What the exercise asks - Where does the word "diagram" occur in the material? Copy each line that has it.

........

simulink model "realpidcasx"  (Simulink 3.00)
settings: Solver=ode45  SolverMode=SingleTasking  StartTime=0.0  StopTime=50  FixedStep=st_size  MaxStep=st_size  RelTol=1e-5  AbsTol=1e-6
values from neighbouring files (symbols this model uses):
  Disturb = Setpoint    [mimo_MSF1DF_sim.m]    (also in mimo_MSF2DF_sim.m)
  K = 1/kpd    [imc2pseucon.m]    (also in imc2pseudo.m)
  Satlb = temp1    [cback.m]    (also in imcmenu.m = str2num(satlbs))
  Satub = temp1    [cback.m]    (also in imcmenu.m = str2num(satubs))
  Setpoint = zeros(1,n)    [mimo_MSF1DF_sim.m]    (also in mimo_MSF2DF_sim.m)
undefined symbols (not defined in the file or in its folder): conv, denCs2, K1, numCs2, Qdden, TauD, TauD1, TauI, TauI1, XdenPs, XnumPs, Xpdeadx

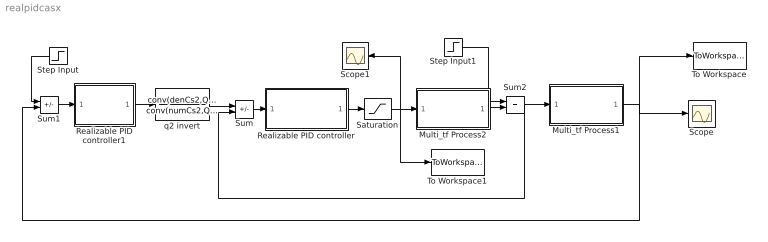
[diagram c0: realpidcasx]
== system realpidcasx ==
  Multi_tf Process1 : Subsystem
  Multi_tf Process2 : Subsystem
  Realizable PID controller : Subsystem
  Realizable PID controller1 : Subsystem
  Saturation : Saturate  UpperLimit=Satub  LowerLimit=Satlb
  Scope : Scope
  Scope1 : Scope
  Step Input : Step  Orientation=left  Time=0  Before=0  After=Setpoint  SampleTime=0
  Step Input1 : Step  Time=0  Before=0  After=Disturb  SampleTime=0
  Sum : Sum  Inputs=+-  SaturateOnIntegerOverflow=on
  Sum1 : Sum  Inputs=+-  SaturateOnIntegerOverflow=on
  Sum2 : Sum  Inputs=++  SaturateOnIntegerOverflow=on
  To Workspace : ToWorkspace  VariableName=simout  SampleTime=-1  SaveFormat=Matrix
  To Workspace1 : ToWorkspace  VariableName=effort  SampleTime=-1  SaveFormat=Matrix
  q2 invert : TransferFcn  Numerator=conv(denCs2,Qdden)  Denominator=conv(numCs2,Qdden)
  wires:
  Sum/1 -> Realizable PID controller/1(In1)
  Multi_tf Process2/1(Out1) -> Sum2/2
  Step Input1/1 -> Sum2/1
  Realizable PID controller/1(Out1) -> Saturation/1
  Saturation/1 -> To Workspace1/1, Multi_tf Process2/1(In1), Scope1/1
  Sum2/1 -> Sum/2, Multi_tf Process1/1(In1)
  Step Input/1 -> Sum1/1
  Realizable PID controller1/1(Out1) -> q2 invert/1
  Sum1/1 -> Realizable PID controller1/1(In1)
  q2 invert/1 -> Sum/1
  Multi_tf Process1/1(Out1) -> Sum1/2, To Workspace/1, Scope/1

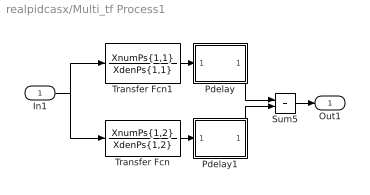
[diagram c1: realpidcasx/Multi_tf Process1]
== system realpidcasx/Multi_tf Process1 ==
  In1 : Inport  Port=1  PortWidth=-1  SampleTime=-1  DataType=auto
  Pdelay : Subsystem
  Pdelay1 : Subsystem
  Sum5 : Sum  Inputs=++  SaturateOnIntegerOverflow=on
  Transfer Fcn : TransferFcn  Numerator=XnumPs{1,2}  Denominator=XdenPs{1,2}
  Transfer Fcn1 : TransferFcn  Numerator=XnumPs{1,1}  Denominator=XdenPs{1,1}
  Out1 : Outport  Port=1  InitialOutput=0
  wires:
  Transfer Fcn1/1 -> Pdelay/1(In1)
  Transfer Fcn/1 -> Pdelay1/1(In1)
  Pdelay/1(Out1) -> Sum5/1
  In1/1 -> Transfer Fcn1/1, Transfer Fcn/1
  Sum5/1 -> Out1/1
  Pdelay1/1(Out1) -> Sum5/2

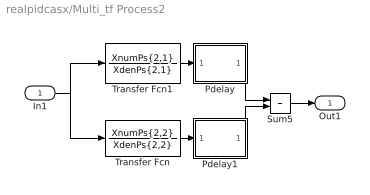
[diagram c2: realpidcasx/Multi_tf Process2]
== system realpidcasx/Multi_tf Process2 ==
  In1 : Inport  Port=1  PortWidth=-1  SampleTime=-1  DataType=auto
  Pdelay : Subsystem
  Pdelay1 : Subsystem
  Sum5 : Sum  Inputs=++  SaturateOnIntegerOverflow=on
  Transfer Fcn : TransferFcn  Numerator=XnumPs{2,2}  Denominator=XdenPs{2,2}
  Transfer Fcn1 : TransferFcn  Numerator=XnumPs{2,1}  Denominator=XdenPs{2,1}
  Out1 : Outport  Port=1  InitialOutput=0
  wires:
  Transfer Fcn1/1 -> Pdelay/1(In1)
  Transfer Fcn/1 -> Pdelay1/1(In1)
  Pdelay/1(Out1) -> Sum5/1
  Pdelay1/1(Out1) -> Sum5/2
  In1/1 -> Transfer Fcn1/1, Transfer Fcn/1
  Sum5/1 -> Out1/1

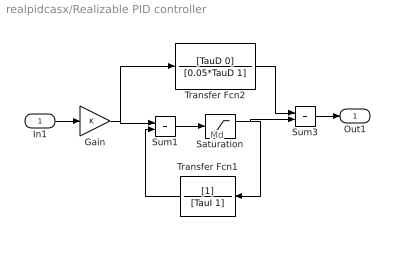
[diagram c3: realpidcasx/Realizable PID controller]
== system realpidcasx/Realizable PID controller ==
  note: Md
  In1 : Inport  Port=1  PortWidth=-1  SampleTime=-1  DataType=auto
  Gain : Gain  Gain=K  SaturateOnIntegerOverflow=on
  Saturation : Saturate  UpperLimit=Satub  LowerLimit=Satlb
  Sum1 : Sum  Inputs=++  SaturateOnIntegerOverflow=on
  Sum3 : Sum  Inputs=++  SaturateOnIntegerOverflow=on
  Transfer Fcn1 : TransferFcn  Orientation=left  Numerator=[1]  Denominator=[TauI 1]
  Transfer Fcn2 : TransferFcn  Numerator=[TauD 0]  Denominator=[0.05*TauD 1]
  Out1 : Outport  Port=1  InitialOutput=0
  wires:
  Sum1/1 -> Saturation/1
  Transfer Fcn1/1 -> Sum1/2
  Gain/1 -> Sum1/1, Transfer Fcn2/1
  Saturation/1 -> Transfer Fcn1/1, Sum3/2
  Transfer Fcn2/1 -> Sum3/1
  Sum3/1 -> Out1/1
  In1/1 -> Gain/1

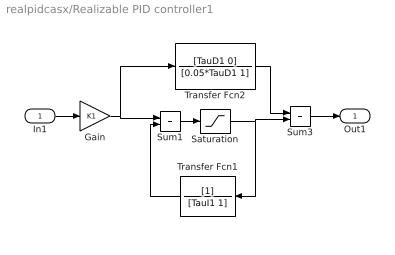
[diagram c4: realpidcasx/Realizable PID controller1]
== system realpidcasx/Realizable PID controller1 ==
  In1 : Inport  Port=1  PortWidth=-1  SampleTime=-1  DataType=auto
  Gain : Gain  Gain=K1  SaturateOnIntegerOverflow=on
  Saturation : Saturate  UpperLimit=Satub  LowerLimit=Satlb
  Sum1 : Sum  Inputs=++  SaturateOnIntegerOverflow=on
  Sum3 : Sum  Inputs=++  SaturateOnIntegerOverflow=on
  Transfer Fcn1 : TransferFcn  Orientation=left  Numerator=[1]  Denominator=[TauI1 1]
  Transfer Fcn2 : TransferFcn  Numerator=[TauD1 0]  Denominator=[0.05*TauD1 1]
  Out1 : Outport  Port=1  InitialOutput=0
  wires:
  Transfer Fcn1/1 -> Sum1/2
  Transfer Fcn2/1 -> Sum3/1
  Sum3/1 -> Out1/1
  In1/1 -> Gain/1
  Gain/1 -> Sum1/1, Transfer Fcn2/1
  Sum1/1 -> Saturation/1
  Saturation/1 -> Sum3/2, Transfer Fcn1/1

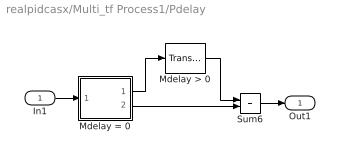
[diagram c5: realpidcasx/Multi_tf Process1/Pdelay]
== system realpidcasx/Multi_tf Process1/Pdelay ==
  In1 : Inport  Port=1  PortWidth=-1  SampleTime=-1  DataType=auto
  Mdelay > 0 : TransportDelay  DelayTime=Xpdeadx{1,1}  InitialInput=0  BufferSize=1024
  Mdelay = 0 : Subsystem  Description=pass input signal through out1 if condition is true.
  Sum6 : Sum  Inputs=++  SaturateOnIntegerOverflow=on
  Out1 : Outport  Port=1
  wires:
  Mdelay = 0/1(Out2) -> Mdelay > 0/1
  Mdelay > 0/1 -> Sum6/1
  Mdelay = 0/2(Out1) -> Sum6/2
  In1/1 -> Mdelay = 0/1(In)
  Sum6/1 -> Out1/1

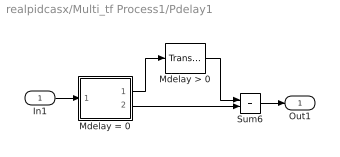
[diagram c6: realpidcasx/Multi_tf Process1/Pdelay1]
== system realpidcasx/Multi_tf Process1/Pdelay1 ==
  In1 : Inport  Port=1  PortWidth=-1  SampleTime=-1  DataType=auto
  Mdelay > 0 : TransportDelay  DelayTime=Xpdeadx{1,2}  InitialInput=0  BufferSize=1024
  Mdelay = 0 : Subsystem  Description=pass input signal through out1 if condition is true.
  Sum6 : Sum  Inputs=++  SaturateOnIntegerOverflow=on
  Out1 : Outport  Port=1
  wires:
  Mdelay = 0/1(Out2) -> Mdelay > 0/1
  Mdelay > 0/1 -> Sum6/1
  Mdelay = 0/2(Out1) -> Sum6/2
  In1/1 -> Mdelay = 0/1(In)
  Sum6/1 -> Out1/1

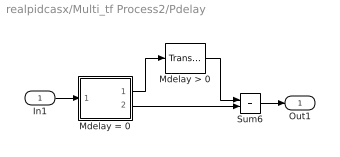
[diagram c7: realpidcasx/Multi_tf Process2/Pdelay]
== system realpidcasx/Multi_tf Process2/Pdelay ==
  In1 : Inport  Port=1  PortWidth=-1  SampleTime=-1  DataType=auto
  Mdelay > 0 : TransportDelay  DelayTime=Xpdeadx{2,1}  InitialInput=0  BufferSize=1024
  Mdelay = 0 : Subsystem  Description=pass input signal through out1 if condition is true.
  Sum6 : Sum  Inputs=++  SaturateOnIntegerOverflow=on
  Out1 : Outport  Port=1
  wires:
  Mdelay = 0/1(Out2) -> Mdelay > 0/1
  Mdelay > 0/1 -> Sum6/1
  Mdelay = 0/2(Out1) -> Sum6/2
  In1/1 -> Mdelay = 0/1(In)
  Sum6/1 -> Out1/1

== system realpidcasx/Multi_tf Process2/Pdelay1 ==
  In1 : Inport  Port=1  PortWidth=-1  SampleTime=-1  DataType=auto
  Mdelay > 0 : TransportDelay  DelayTime=Xpdeadx{2,2}  InitialInput=0  BufferSize=1024
  Mdelay = 0 : Subsystem  Description=pass input signal through out1 if condition is true.
  Sum6 : Sum  Inputs=++  SaturateOnIntegerOverflow=on
  Out1 : Outport  Port=1
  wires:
  Mdelay = 0/1(Out2) -> Mdelay > 0/1
  Mdelay > 0/1 -> Sum6/1
  Mdelay = 0/2(Out1) -> Sum6/2
  In1/1 -> Mdelay = 0/1(In)
  Sum6/1 -> Out1/1

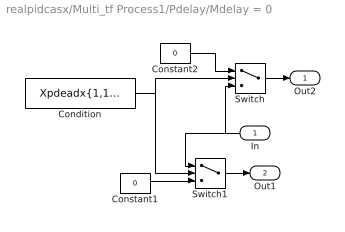
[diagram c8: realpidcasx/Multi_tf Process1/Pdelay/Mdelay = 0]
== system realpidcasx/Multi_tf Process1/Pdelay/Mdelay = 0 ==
  In : Inport  Orientation=left  Port=1  PortWidth=-1  SampleTime=-1  DataType=auto
  Condition : Constant  Value=Xpdeadx{1,1}<=3*eps
  Constant1 : Constant  Value=0
  Constant2 : Constant  Value=0
  Switch : Switch  Threshold=1
  Switch1 : Switch  Threshold=1
  Out2 : Outport  Port=1  InitialOutput=0
  Out1 : Outport  Port=2  InitialOutput=0
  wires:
  In/1 -> Switch/3, Switch1/1
  Condition/1 -> Switch1/2, Switch/2
  Constant1/1 -> Switch1/3
  Constant2/1 -> Switch/1
  Switch/1 -> Out2/1
  Switch1/1 -> Out1/1

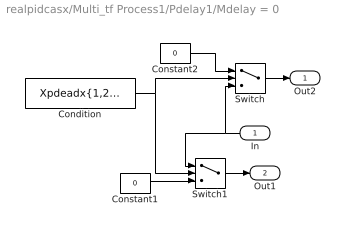
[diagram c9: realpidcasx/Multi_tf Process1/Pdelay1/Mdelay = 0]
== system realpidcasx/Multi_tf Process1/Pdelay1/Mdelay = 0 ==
  In : Inport  Orientation=left  Port=1  PortWidth=-1  SampleTime=-1  DataType=auto
  Condition : Constant  Value=Xpdeadx{1,2}<=3*eps
  Constant1 : Constant  Value=0
  Constant2 : Constant  Value=0
  Switch : Switch  Threshold=1
  Switch1 : Switch  Threshold=1
  Out2 : Outport  Port=1  InitialOutput=0
  Out1 : Outport  Port=2  InitialOutput=0
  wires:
  In/1 -> Switch/3, Switch1/1
  Condition/1 -> Switch1/2, Switch/2
  Constant1/1 -> Switch1/3
  Constant2/1 -> Switch/1
  Switch/1 -> Out2/1
  Switch1/1 -> Out1/1

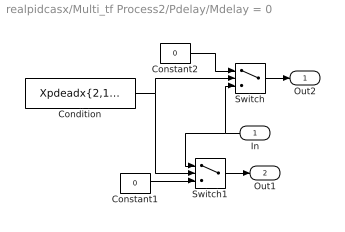
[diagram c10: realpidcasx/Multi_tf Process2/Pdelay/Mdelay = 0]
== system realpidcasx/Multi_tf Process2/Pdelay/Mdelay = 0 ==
  In : Inport  Orientation=left  Port=1  PortWidth=-1  SampleTime=-1  DataType=auto
  Condition : Constant  Value=Xpdeadx{2,1}<=3*eps
  Constant1 : Constant  Value=0
  Constant2 : Constant  Value=0
  Switch : Switch  Threshold=1
  Switch1 : Switch  Threshold=1
  Out2 : Outport  Port=1  InitialOutput=0
  Out1 : Outport  Port=2  InitialOutput=0
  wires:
  In/1 -> Switch/3, Switch1/1
  Condition/1 -> Switch1/2, Switch/2
  Constant1/1 -> Switch1/3
  Constant2/1 -> Switch/1
  Switch/1 -> Out2/1
  Switch1/1 -> Out1/1

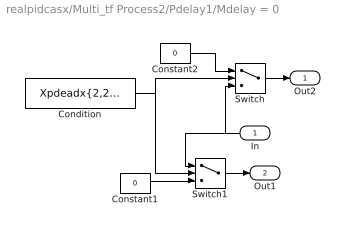
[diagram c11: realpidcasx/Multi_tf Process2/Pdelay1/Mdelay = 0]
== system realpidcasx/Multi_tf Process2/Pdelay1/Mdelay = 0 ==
  In : Inport  Orientation=left  Port=1  PortWidth=-1  SampleTime=-1  DataType=auto
  Condition : Constant  Value=Xpdeadx{2,2}<=3*eps
  Constant1 : Constant  Value=0
  Constant2 : Constant  Value=0
  Switch : Switch  Threshold=1
  Switch1 : Switch  Threshold=1
  Out2 : Outport  Port=1  InitialOutput=0
  Out1 : Outport  Port=2  InitialOutput=0
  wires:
  In/1 -> Switch/3, Switch1/1
  Condition/1 -> Switch1/2, Switch/2
  Constant1/1 -> Switch1/3
  Constant2/1 -> Switch/1
  Switch/1 -> Out2/1
  Switch1/1 -> Out1/1

........

Answer to this problem -
[diagram c0: realpidcasx]
[diagram c1: realpidcasx/Multi_tf Process1]
[diagram c2: realpidcasx/Multi_tf Process2]
[diagram c3: realpidcasx/Realizable PID controller]
[diagram c4: realpidcasx/Realizable PID controller1]
[diagram c5: realpidcasx/Multi_tf Process1/Pdelay]
[diagram c6: realpidcasx/Multi_tf Process1/Pdelay1]
[diagram c7: realpidcasx/Multi_tf Process2/Pdelay]
[diagram c8: realpidcasx/Multi_tf Process1/Pdelay/Mdelay = 0]
[diagram c9: realpidcasx/Multi_tf Process1/Pdelay1/Mdelay = 0]
[diagram c10: realpidcasx/Multi_tf Process2/Pdelay/Mdelay = 0]
[diagram c11: realpidcasx/Multi_tf Process2/Pdelay1/Mdelay = 0]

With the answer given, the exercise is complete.